In this story, it is said that a Dreamer dreamed of the Mountain People.

The Dreamer said, “They were Giants of a people.” They were gathered together by Shushidnu. Of themselves they said, “We are Nat’utna, we are people who are other-than-human. We are the Mountain People.”

And then the Lady said, “I will lie here. I love this place.” She was Shushidnu, the Lady who loved that place, and she looks like a lady sleeping. “And there will be be a river that I love beside me.” That is the Susitna River.

One Person said, “I will lie there on the far side, with my feet stretching into the water.” And he said, “I will be T’usi.” He was a windbreak, a fence: Slope Mountain.

A Lady said, “I will lie beside him in the same way, with my feet in the water.” She said, “I will be little T’usi.” She is Chisik Island.

And a Person said, “I will be up above, a great mountain.” He is Dghilika’a, Mt. Redoubt. And he said, “My relatives will be around me.” These are the smaller mountains, Shchnaqał’in, There Will Be More of the True Ones Like Me at My Feet.

And One said, “I will be north, far inland with my relatives.” He is Yuneq’di, called Denali, inland with his smaller relatives.

The Lady Shushidnu directed them. “These other People will go across the water,” she said. They answered her, explaining that they would be Yaghenen, the Good Land. That is the Kenai Peninsula.

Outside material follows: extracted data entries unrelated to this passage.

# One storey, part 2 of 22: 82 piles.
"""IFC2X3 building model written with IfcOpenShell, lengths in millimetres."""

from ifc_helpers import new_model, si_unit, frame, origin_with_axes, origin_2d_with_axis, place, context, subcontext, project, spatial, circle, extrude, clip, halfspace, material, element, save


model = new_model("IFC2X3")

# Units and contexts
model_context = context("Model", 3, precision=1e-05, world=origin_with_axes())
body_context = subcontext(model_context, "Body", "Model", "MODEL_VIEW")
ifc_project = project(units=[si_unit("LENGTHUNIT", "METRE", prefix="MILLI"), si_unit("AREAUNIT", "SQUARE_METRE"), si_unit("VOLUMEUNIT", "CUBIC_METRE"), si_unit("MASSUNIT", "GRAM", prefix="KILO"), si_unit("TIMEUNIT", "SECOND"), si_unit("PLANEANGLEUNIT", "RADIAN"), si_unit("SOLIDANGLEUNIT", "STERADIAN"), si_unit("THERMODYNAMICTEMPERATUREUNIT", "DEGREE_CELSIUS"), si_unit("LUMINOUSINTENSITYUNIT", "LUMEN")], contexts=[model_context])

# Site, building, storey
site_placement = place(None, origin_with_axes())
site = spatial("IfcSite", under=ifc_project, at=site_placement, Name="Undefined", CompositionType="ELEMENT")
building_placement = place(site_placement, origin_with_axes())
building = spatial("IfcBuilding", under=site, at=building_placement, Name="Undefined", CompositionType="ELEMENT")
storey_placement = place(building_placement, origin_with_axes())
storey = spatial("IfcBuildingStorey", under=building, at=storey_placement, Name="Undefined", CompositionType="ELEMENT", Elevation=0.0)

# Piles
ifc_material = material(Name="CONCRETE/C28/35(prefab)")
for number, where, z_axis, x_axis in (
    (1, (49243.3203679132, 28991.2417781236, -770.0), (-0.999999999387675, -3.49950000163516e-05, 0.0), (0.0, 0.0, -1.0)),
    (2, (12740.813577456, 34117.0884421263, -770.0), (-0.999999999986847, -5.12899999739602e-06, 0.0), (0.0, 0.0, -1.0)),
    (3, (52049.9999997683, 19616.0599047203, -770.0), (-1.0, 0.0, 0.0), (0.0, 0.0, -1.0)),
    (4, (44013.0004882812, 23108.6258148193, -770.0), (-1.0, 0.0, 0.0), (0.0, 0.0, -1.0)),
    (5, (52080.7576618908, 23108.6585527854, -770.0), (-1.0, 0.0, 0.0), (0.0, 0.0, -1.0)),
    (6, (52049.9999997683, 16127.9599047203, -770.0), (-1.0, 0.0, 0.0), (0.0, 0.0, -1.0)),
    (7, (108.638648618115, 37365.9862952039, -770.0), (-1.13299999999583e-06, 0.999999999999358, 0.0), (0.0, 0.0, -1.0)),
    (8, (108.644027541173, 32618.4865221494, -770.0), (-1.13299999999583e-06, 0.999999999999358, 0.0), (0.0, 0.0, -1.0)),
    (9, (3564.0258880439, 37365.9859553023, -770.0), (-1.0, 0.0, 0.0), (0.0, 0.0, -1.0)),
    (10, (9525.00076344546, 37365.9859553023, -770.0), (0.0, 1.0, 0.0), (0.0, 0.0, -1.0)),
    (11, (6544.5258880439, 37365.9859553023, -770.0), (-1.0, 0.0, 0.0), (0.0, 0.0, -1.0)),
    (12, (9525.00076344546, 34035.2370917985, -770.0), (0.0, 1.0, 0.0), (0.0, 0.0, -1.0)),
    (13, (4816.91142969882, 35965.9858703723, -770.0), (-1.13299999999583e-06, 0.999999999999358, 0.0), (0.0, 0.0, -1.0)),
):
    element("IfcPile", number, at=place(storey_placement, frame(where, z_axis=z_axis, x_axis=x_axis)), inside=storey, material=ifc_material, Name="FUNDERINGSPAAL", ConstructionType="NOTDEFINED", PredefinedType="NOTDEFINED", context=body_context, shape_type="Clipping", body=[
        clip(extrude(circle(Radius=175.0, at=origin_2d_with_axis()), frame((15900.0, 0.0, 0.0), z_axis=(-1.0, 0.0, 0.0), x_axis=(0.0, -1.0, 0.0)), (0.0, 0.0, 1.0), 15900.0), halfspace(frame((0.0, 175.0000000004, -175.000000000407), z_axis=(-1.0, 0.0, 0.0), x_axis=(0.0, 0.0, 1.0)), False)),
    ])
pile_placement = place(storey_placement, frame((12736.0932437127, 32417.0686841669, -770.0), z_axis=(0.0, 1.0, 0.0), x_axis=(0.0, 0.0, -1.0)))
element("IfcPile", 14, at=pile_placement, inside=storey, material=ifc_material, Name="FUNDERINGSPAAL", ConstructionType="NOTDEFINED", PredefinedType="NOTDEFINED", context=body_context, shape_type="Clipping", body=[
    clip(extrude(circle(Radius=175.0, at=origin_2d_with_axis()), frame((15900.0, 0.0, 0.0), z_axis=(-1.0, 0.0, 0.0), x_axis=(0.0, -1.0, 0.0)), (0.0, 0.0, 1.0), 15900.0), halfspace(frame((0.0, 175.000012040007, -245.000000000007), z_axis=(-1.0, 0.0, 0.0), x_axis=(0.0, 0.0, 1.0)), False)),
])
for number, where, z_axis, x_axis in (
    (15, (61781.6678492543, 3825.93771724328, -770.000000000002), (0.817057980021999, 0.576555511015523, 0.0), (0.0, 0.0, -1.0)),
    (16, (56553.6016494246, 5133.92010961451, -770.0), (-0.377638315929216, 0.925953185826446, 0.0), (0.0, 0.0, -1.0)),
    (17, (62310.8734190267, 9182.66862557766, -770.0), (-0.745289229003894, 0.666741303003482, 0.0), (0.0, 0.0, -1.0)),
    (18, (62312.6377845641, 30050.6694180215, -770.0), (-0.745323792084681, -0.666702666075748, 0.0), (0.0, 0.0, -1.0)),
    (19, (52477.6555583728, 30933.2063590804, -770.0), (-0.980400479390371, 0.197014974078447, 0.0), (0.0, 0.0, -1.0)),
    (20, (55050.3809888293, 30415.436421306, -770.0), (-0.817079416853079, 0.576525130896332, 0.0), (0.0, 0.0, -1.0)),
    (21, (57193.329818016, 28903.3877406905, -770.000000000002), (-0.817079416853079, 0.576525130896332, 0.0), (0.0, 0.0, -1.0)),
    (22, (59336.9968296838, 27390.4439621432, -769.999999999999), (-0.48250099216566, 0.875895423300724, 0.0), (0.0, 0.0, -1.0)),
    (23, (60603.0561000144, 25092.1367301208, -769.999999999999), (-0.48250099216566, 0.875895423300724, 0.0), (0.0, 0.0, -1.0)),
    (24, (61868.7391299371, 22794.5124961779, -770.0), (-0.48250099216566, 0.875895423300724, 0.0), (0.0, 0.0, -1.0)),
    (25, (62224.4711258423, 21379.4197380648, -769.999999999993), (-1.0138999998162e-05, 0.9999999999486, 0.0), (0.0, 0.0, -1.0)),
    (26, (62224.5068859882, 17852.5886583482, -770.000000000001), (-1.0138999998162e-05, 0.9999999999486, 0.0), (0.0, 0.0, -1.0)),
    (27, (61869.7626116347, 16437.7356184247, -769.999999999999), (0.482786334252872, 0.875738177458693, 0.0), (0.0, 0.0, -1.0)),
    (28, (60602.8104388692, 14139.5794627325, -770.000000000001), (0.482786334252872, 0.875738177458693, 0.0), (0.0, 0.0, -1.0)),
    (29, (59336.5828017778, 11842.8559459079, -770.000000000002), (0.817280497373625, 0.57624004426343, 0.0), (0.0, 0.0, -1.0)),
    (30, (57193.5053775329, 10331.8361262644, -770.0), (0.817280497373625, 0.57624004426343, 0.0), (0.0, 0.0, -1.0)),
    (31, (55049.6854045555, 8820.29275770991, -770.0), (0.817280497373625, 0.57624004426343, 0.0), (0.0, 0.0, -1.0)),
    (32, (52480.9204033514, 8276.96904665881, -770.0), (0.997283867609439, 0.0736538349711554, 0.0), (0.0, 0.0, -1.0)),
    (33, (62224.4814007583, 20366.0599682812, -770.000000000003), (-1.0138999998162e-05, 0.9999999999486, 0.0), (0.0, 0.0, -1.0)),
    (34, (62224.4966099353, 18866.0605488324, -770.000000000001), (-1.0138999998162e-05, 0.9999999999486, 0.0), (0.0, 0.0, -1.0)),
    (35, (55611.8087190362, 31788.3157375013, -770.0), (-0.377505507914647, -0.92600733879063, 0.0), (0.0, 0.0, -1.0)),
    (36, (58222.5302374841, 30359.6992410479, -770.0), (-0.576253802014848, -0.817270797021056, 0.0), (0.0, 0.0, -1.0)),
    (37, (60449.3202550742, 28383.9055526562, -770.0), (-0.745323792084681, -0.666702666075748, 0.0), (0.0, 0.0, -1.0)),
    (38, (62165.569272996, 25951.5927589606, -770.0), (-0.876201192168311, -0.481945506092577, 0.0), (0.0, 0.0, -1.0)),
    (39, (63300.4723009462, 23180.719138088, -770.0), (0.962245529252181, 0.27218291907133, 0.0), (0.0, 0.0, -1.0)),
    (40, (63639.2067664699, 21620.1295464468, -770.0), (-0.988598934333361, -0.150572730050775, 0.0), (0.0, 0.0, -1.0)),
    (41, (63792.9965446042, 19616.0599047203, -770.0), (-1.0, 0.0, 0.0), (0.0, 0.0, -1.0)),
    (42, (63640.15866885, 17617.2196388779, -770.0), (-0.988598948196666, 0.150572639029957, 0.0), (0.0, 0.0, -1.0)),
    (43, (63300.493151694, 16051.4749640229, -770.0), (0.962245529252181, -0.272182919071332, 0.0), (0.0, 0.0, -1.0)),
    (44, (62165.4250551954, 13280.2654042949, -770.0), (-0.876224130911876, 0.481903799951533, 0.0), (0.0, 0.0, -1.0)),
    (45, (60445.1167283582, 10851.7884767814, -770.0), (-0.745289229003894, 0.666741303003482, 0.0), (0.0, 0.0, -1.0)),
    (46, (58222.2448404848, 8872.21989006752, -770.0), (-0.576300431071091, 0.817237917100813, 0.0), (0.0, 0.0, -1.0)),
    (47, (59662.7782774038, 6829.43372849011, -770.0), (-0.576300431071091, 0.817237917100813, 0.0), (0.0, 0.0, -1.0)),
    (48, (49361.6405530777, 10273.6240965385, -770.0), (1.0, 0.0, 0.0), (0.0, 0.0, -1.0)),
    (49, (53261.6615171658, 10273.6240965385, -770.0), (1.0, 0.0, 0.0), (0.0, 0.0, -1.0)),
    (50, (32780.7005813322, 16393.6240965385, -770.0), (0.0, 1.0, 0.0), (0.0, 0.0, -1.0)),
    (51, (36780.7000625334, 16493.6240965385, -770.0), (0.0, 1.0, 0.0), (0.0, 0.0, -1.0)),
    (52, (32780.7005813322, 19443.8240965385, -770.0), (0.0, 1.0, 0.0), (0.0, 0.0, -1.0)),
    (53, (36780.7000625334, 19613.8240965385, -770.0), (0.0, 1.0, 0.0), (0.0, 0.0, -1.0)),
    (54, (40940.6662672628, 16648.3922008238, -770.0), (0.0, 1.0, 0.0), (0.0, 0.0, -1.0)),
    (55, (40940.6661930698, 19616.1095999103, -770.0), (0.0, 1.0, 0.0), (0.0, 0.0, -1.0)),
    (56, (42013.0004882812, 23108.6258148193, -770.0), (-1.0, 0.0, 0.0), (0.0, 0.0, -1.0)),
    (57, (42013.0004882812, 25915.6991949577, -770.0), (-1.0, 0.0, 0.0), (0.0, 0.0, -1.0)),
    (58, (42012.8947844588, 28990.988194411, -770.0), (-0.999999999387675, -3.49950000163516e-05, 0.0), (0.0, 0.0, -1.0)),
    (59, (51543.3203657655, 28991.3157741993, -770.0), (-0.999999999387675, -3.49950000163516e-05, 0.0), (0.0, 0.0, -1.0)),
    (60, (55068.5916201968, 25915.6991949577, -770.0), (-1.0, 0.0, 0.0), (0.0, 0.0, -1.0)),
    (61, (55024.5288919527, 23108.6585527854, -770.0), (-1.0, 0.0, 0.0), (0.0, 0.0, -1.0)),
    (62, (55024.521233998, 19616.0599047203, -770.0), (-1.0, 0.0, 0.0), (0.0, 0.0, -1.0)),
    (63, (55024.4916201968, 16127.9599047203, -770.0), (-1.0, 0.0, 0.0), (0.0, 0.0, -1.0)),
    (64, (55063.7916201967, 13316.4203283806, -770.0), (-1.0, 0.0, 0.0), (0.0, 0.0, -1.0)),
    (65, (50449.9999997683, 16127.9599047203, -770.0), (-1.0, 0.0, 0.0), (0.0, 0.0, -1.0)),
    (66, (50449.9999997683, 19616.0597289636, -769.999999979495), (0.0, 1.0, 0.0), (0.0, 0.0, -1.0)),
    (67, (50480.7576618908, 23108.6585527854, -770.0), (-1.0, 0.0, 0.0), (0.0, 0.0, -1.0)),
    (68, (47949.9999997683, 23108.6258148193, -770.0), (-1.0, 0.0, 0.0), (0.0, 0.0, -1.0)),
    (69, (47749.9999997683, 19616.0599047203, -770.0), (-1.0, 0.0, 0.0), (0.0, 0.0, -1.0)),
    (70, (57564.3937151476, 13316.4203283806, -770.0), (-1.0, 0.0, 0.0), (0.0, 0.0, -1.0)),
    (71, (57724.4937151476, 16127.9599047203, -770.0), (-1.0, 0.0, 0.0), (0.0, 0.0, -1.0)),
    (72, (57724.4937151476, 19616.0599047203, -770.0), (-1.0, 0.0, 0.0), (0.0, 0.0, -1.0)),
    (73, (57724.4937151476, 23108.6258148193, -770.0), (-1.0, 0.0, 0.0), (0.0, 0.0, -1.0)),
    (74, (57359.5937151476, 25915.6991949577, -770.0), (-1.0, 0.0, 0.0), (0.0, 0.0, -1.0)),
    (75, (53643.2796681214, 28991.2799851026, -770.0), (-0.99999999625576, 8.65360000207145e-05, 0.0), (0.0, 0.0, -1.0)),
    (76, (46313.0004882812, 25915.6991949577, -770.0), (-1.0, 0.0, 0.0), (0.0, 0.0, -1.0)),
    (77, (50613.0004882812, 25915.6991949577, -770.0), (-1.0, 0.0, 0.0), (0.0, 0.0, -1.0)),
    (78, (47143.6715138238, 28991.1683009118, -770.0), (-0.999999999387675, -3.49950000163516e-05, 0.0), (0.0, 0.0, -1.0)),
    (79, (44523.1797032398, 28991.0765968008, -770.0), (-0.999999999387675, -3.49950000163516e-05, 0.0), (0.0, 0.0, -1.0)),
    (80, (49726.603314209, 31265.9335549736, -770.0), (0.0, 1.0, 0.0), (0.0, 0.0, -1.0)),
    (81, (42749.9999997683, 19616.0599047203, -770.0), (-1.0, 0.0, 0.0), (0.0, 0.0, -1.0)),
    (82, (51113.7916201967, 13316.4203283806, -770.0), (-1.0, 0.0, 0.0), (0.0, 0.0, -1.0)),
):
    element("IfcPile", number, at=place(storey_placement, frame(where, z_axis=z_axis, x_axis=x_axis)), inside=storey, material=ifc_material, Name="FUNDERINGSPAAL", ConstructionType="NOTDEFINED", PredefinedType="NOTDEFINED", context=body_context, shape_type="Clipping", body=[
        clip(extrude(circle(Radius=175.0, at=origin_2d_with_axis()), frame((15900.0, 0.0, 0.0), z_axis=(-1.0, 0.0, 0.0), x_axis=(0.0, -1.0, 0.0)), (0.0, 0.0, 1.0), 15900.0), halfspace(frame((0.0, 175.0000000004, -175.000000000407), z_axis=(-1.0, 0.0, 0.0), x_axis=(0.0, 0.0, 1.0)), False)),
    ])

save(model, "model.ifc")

And then she said, laying out the passes between the mountains, “They are nakatl’a, like the tail hanging between an animal’s haunches.” Those locations that look that way are glaciers. She said, “Sometimes it will be dangerous going through those passes.”

According to the story, she also said, “The people will love that place and it will be useful to them; but they will pass away.”

These Mountain People were doing this for us, so that we would have names for every location, describing how they look. And the Dreamer explained, “The Mouse Story happened inside a mountain. And then, in the Gambling Story, when the believer went to that unknown place, he found the same kind of location, inside the mountain. The Lady who called herself the Mother of Everything Over and Over and her husband, called K’luyesh, were Giants of people. And the person who saw the little village in the foothills found the k’kin’i, the little folk, and they called themselves Mountain People. Now you see how these stories relate to one another.”